I would argue that far less attention is being focused on figuring out the student attribution rules that will determine which students in a teacher’s classroom count toward a teacher’s student-based effectiveness measure. This is unfortunate, for these rules are potentially far more important than the choice of model in influencing both measures of effectiveness and the incentives teachers will face if the measures are used for high-stakes purposes.

We know that schools today are far messier than the single room schoolhouse that once existed. Highly mobile students come and go. Pull out programs and co-teaching situations may imply that a teacher is not responsible for the entire class of students even if they are there for an entire year. So which students count towards a teacher’s evaluation? Is a system that only considers 80 percent of students credible? Does it matter if there are significant differences in the proportion of higher and lower poverty kids who contribute toward teacher effectiveness measures? Is it OK for a teacher with 25 students in her class to have only 5 to 10 of them count toward her evaluation (this is not as inconceivable as it may appear at first blush when you consider the mobility levels in some schools and classrooms)?

There probably are not clear-cut right answers to these questions, but that does not mean that they should not be explored. The choices that are made could have profound implications for the proportion of the student population or of student subgroups that counts toward teachers’ effectiveness measures. This in turn will have political implications and provide teachers with incentives once a system is adopted, and they merit exploration before student attribution rules are adopted.

So what might exploration mean? Here I am strongly urging policymakers to access the empirical work that could help them better understand the tradeoffs described above. In some cases this might simply be drawing on research that already exists. For example, there is terrific work by Dan McCaffrey and colleagues that illustrates the tradeoffs of some models. In other cases, e.g. with the student attribution issue, this may entail commissioning new studies.

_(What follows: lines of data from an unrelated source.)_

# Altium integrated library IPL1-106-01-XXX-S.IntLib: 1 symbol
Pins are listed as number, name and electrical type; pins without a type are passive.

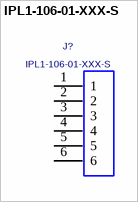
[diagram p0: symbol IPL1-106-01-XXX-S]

## IPL1-106-01-XXX-S
designator J?
0.1 INCH SINGLE ROW TERMINAL ASSEMBLY, 6 PINS.; MANUFACTURER: SAMTEC
footprint IPL1-106-01-XXX-S
pins: 1, 2, 3, 4, 5, 6
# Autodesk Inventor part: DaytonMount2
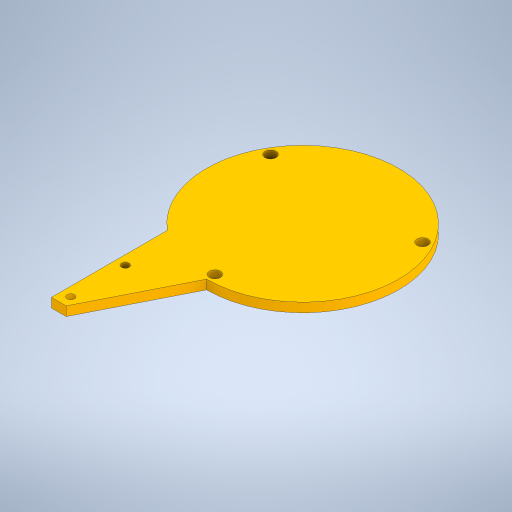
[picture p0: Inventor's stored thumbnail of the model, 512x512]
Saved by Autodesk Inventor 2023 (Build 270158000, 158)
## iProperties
Created: 2023-06
Part Number: DaytonMount2
Material: Generic
Document SubType Name: Modeling
Designer: Admin
Density: 1 g/cm^3
Appearance: Default
Author: Admin
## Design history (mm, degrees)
sketch "Sketch1" dims "d18" = 4, "d43" = 95
  geometry: L1 (25.5, -43)-(25.5, -58); L2 (17, -25.5)-(17, -30.5); L3 (17, -30.5)-(6, -30.5); L4 (6, -30.5)-(6, -25.5); L5 (6, -25.5)-(17, -25.5); L6 (0, -153)-(0, 0); L7 (0, -153)-(0, 0); L8 (51, 0)-(51, -153); L9 (60.249, 0)-(60.249, -153); L10 (25.5, -28)-(25.5, 0); L11 (0, 0)-(51, 0); L12 (0, 0)-(60.249, 0); L13 (51, -153)-(0, -153); L14 (60.249, -153)-(0, -153); L15 (46, -60.5)-(35, -60.5); L16 (35, -60.5)-(35, -55.5); L17 (46, -55.5)-(46, -60.5); L18 (51, -33)-(59, -33); L19 (51, -75)-(51, -33); L20 (59, -33)-(59, -75); L21 (59, -75)-(51, -75); L22 (25.5, -58)-(25.5, -73); L23 (25.5, -73)-(25.5, -88); L24 (17, -60.5)-(6, -60.5); L25 (17, -55.5)-(17, -60.5); L26 (6, -55.5)-(17, -55.5); L27 (6, -60.5)-(6, -55.5); L28 (17, -90.5)-(6, -90.5); L29 (17, -85.5)-(17, -90.5); L30 (6, -85.5)-(17, -85.5); L31 (35, -85.5)-(46, -85.5); L32 (46, -90.5)-(35, -90.5); L33 (46, -85.5)-(46, -90.5); L34 (35, -90.5)-(35, -85.5); L35 (6, -90.5)-(6, -85.5); L36 (25.5, -28)-(25.5, -43); L37 (35, -30.5)-(35, -25.5); L38 (46, -25.5)-(46, -30.5); L39 (35, -25.5)-(46, -25.5); L40 (46, -30.5)-(35, -30.5); L41 (54, -40.5)-(25.5, -40.5); L42 (35, -55.5)-(46, -55.5); L43 (59, -95.729)-(59, -33); L44 (51, -33)-(59, -33); L45 (25.5, -83.5)-(51, -33); C1 r 2.5 at (25.5, -28); C2 r 2 at (54, -68); C3 r 2.5 at (25.5, -58); C4 r 2.5 at (25.5, -73); C5 r 2.5 at (25.5, -88); C6 r 3 at (25.5, -88); C7 r 3 at (66.636, -159.25); C8 r 3 at (-15.636, -159.25); C9 r 3 at (-15.636, -159.25); C10 r 3 at (66.636, -159.25); C11 r 3 at (25.5, -88); C12 r 2 at (54, -38.5); C13 r 2 at (54, -68); A1 r 52 centre (25.5, -135.5) between (25.5, -83.5) and (59, -95.729); 5 further points
  constraints: 82 end point, 14 centre point, 10 vertical alignment, 9 coincident, 8 collinear, 7 parallel, 5 concentric, 5 horizontal, 4 perpendicular, 4 point on line, 3 equal radius, 2 point on circle, 2 vertical, 1 midpoint, 1 tangent, 65 other
  dimensions: "d4" = 5 distance between parallel lines of L3 L5; "d5" = 11 distance between parallel lines of L4 L2; "d6" = 153 distance between parallel lines of L14 L11; "d7" = 51 distance between parallel lines of L6 L8; "d8" = 15 distance of L10.start L1.start; "d9" = 28 distance of L10.start L10.end; "d10" = 8 distance between parallel lines of L20 L8; "d11" = 5 diameter of C1; "d12" = 33 distance between parallel lines of L11 L18; "d13" = 42 distance of L18.end L20.end; "d14" = 6 distance between parallel lines of L6 L4; "d15" = 30 distance of L2.end L24.start; "d16" = 29 distance of L2.end L38.end; "d17" = 3 distance from line of L8 point (54, -38.5); "d19" = 29.5 distance of C2.centre point (54, -38.5); "d44" = 6 diameter of C6; "d47" = 360 deg dimension on point (25.5, -135.5) C6.centre (derived); "d61" = 52 radius of A1
extrude "Extrusion1" new body sketch "Sketch1" distance "d63" = 5; taper "d64" = 0 deg
body "Solid1"
other parameters: "d42" = 104

The bottom line is that policymakers should apply different attribution rules and assessment models to state and local data and see what the implications are. Find out whether there are impacts on the distribution of teachers or the percentages of students that contribute to effectiveness rankings. If there are dependencies on the choices that are made (and I suspect there will be, particularly in high-poverty classrooms with mobile student populations), policymakers should bring stakeholders into the decision-making processes. This will encourage a more robust, up-front discussion of what stakeholders value in the education system and, ultimately, better buy-in when it comes to the adoption of a particular set of rules and policies.

The kind of sensitivity analyses that I’ve described above is certainly a heavy lift, particularly for states and localities that are in a race against an implementation deadline. I’d argue it is essential, however, as we need to know as best we can the tradeoffs inherent with implementing student assessment-based systems in order to best avoid pitfalls that could set the use of such systems back significantly. Mind you, I’m not arguing to slow down change when it comes to re-working teacher effectiveness policies. The last thing we need is for the perfect to be the enemy of the good--as I said before, I believe the status quo sets a low bar for change. But, a bit of empirical work (and this is not the sort of work that requires years to complete) would go a long way toward better implementation.